Ezra is very good at apologizing for talking back and not listening. He is sincere, contrite and adorable. Until I ask him to do something he is morally against, such as teeth brushing or bed making. Then there is no justice, no peace.
It has been especially bad over the last few weeks. He talks back. He doesn’t listen. He apologizes. I forgive him. He talks back. He doesn't listen. He apologizes. I forgive him.
This predicatable cycle was repeating itself last Sunday. He talked back, he didn’t listen, he threw a fit, and then he apologized as we walked to his soccer game together.
"Do you forgive me, Mom?"
"I do. But what good are all these apologies if you don't work to change your behavior?" I asked him.
Maimonides writes that true repentence for a transgression against a principle of the Torah doesn't end with the confession and apology itself, but when you resist the temptation to commit the same sin again.
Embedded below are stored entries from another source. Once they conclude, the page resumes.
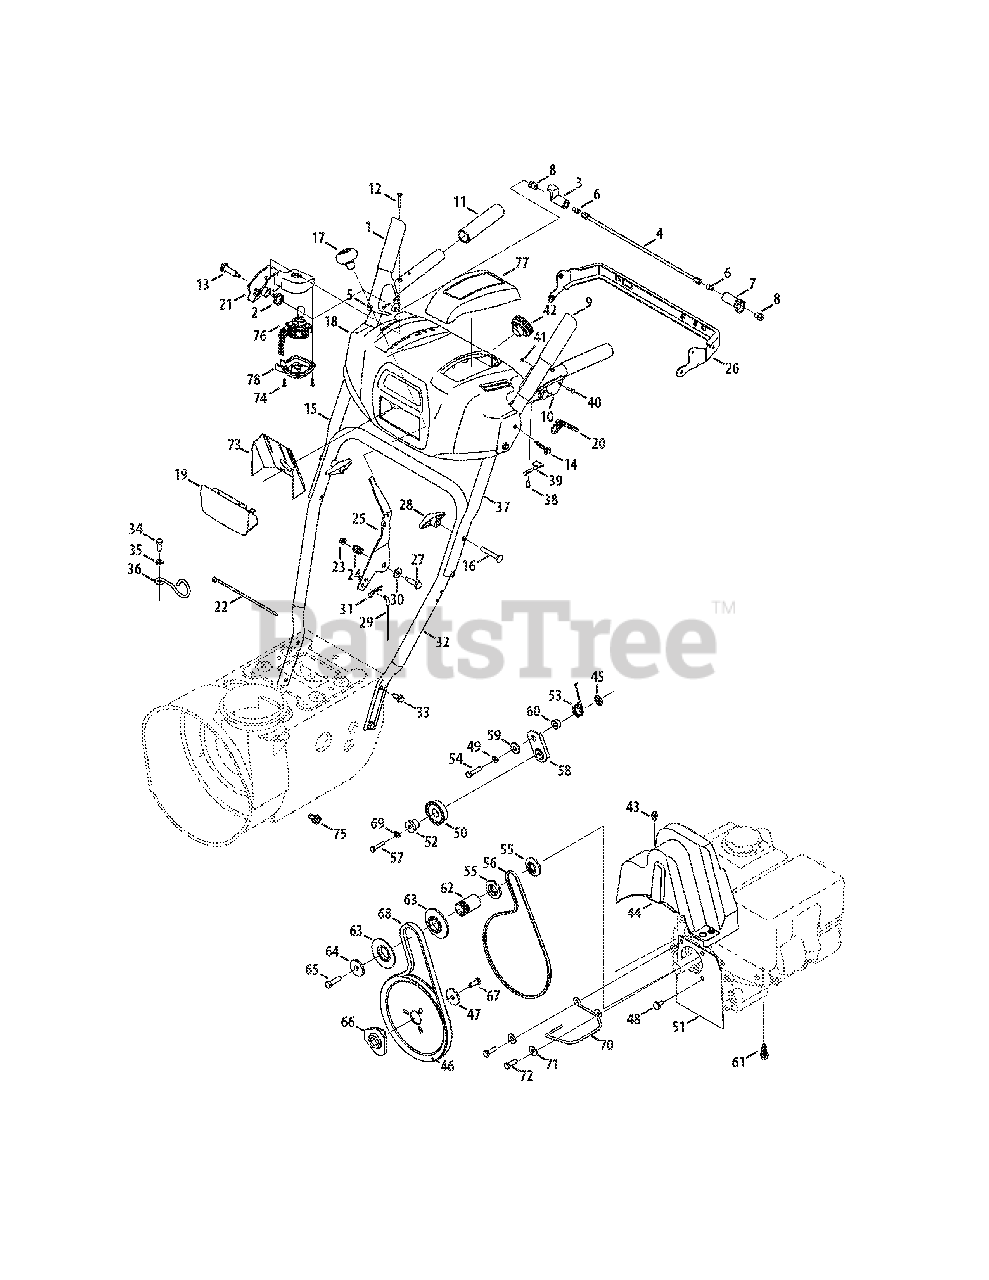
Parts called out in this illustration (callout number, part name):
1	Handle Engagement Ass’y RH
2	Torsion Spring
3	Lock Plate
4	Pivot Rod
5	Rubber Bumper
6	Screw, 1/4-20 x .500
7	Clutch Lock Cam
8	Shoulder Nut, 1/4-20
9	Handle Engagement Assembly LH
10	Handle Clutch Lock LH Assembly
11	Handle Grip
12	Screw, #10-24 x 0.375
13	Shoulder Screw, 1/4-20
14	Screw, 1/4-20 x 1.625
15	Upper Handle RH
16	Carriage Screw, 5/16-18 x 2.25
17	Shift Knob
18	Handle Panel, includes Ref. 19 & 73
20	Steering Control
21	Handle Clutch Lock RH Assembly
22	Cable Tie
23	Flange Lock Nut, 1/4-20
24	Compression Spring
25	Shift Lever
26	Panel Bracket
27	Shoulder Screw
28	Wing Knob
29	Speed Selector Cable
30	Flat Washer
31	Click Pin
32	Lower Handle
33	Screw, 5/16-18 x 0.75
34	Screw, M8-1.25
35	Flat Washer, .330 x .630 x .0635
36	Cable Control Wire
37	Upper Handle LH
38	Screw, #8-16 x 0.50
39	Clutch Lock Spring
40	Pin, 3/16
41	Retainer Ring
42	Headlight Socket
43	AB Screw, 1/4-20 x 0.625
44	Belt Cover
45	Push-on Nut
46	Auger Pulley
47	Flat Washer
48	Shoulder Screw
49	Lock Washer
50	Idler Pulley Assembly
51	Plt., Cvr.
52	Spacer
53	Torsion Spring
54	Hex Screw, 5/16-24 x 1.25
55	Pulley Half
56	Belt, Wheel Drive
57	TT Screw, 1/4-20 x 1.25
58	Drive Clutch Idler Bracket
59	Shoulder Spacer
61	TT Sems Screw, 3/8-16 x 1.0
62	Spacer
63	Pulley Half
64	Flat Washer
65	Hex Bolt, 3/8-24 x 1.25
66	Pulley Adapter
67	Hex Bolt, 5/16-24 x 0.875
68	V-Belt,.500 x 35.00 Lg
69	Lock Washer
70	Belt Guide
71	Flat Washer, .349 x .879 x .063
72	Screw, 5/16-24 x 1.00
73	Lens Label
74	Screw, .159 OD x .610
75	Screw (For ground wire)
76	Electric Chute Harness
77	Handle Panel Cover
78	Joystick Housing Cover
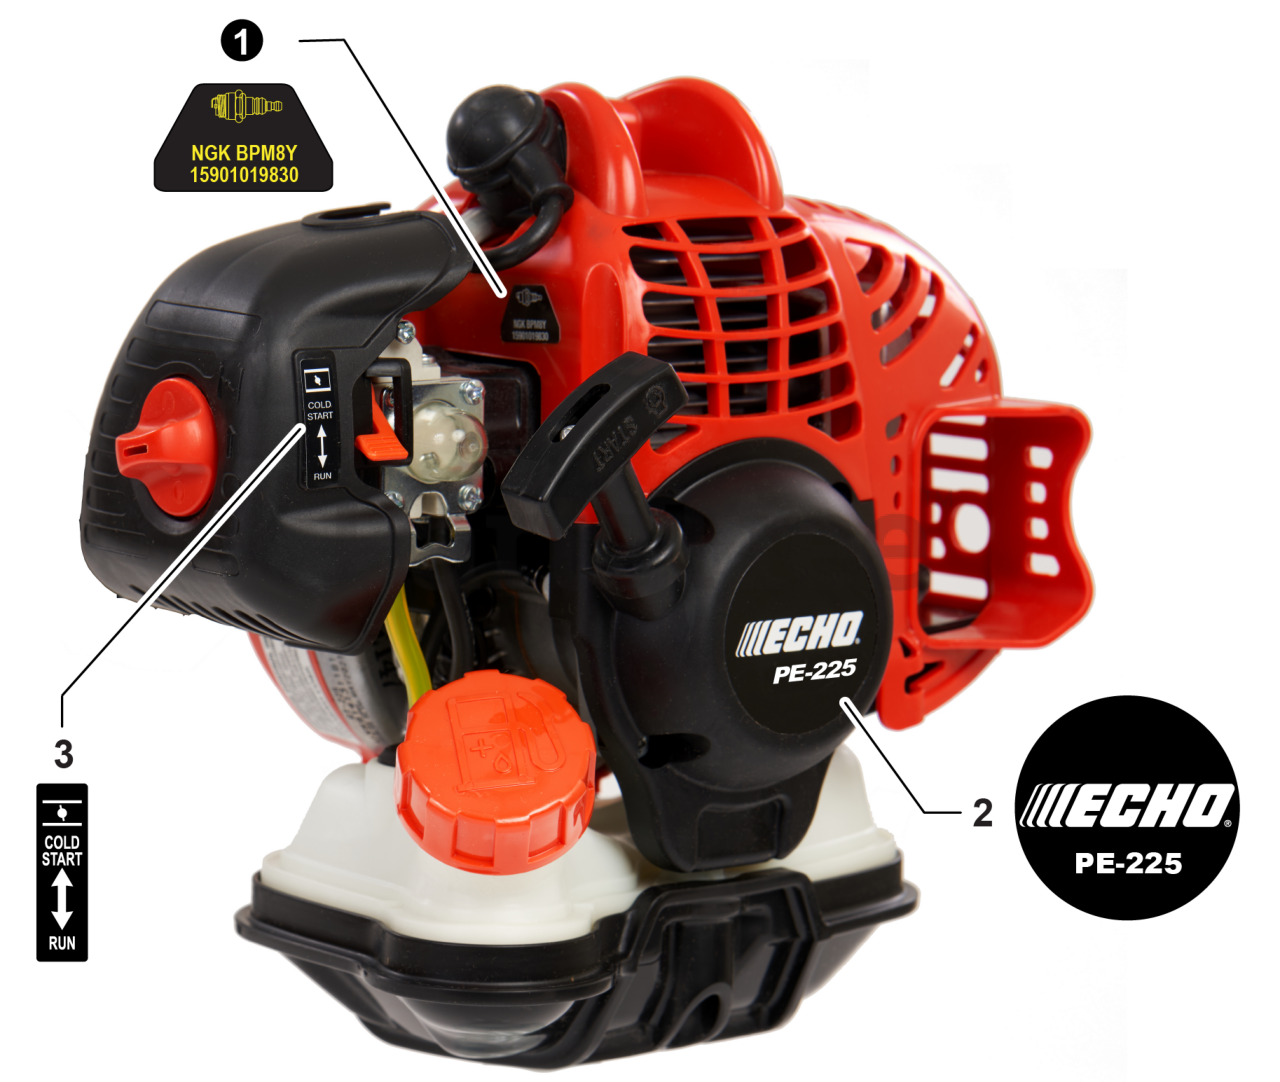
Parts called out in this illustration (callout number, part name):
1	LABEL - SPARK PLUG - BPM8Y
2	LABEL - MODEL - PE-225
3	LABEL - CHOKE

Ezra in his transgression – against the commandment to honor his mother and father – is nowhere near atonement.
In fact, as I write this, he is currently locked out on our third-floor deck because he mouthed off, shouted at me to shut up, kicked over my office trash can and refused to pick it up. Why? I asked him to do his writing homework. This would be the second time today he sassed me – there was an incident before school as well.
If anyone has any tips on how to shut this nonsense down, I am all ears.
After a good 20 minutes of fits and sass, Ezra chills out and is allowed back into the house. He sits down on my office floor to complete the homework that got him in such a twist – writing each of this week's seven spelling words in a sentence.
He sits obediently in front of his paper, looks at me with his red, swollen eyes and asks politely for spelling help. He shows me each of his seven lovely sentences. He is sincere, contrite and adorable. And I forgive him.
"I should act this good all the time," he says.
Yes, darling. You should. And I will continue to forgive you until the magical day that you learn to truly repent.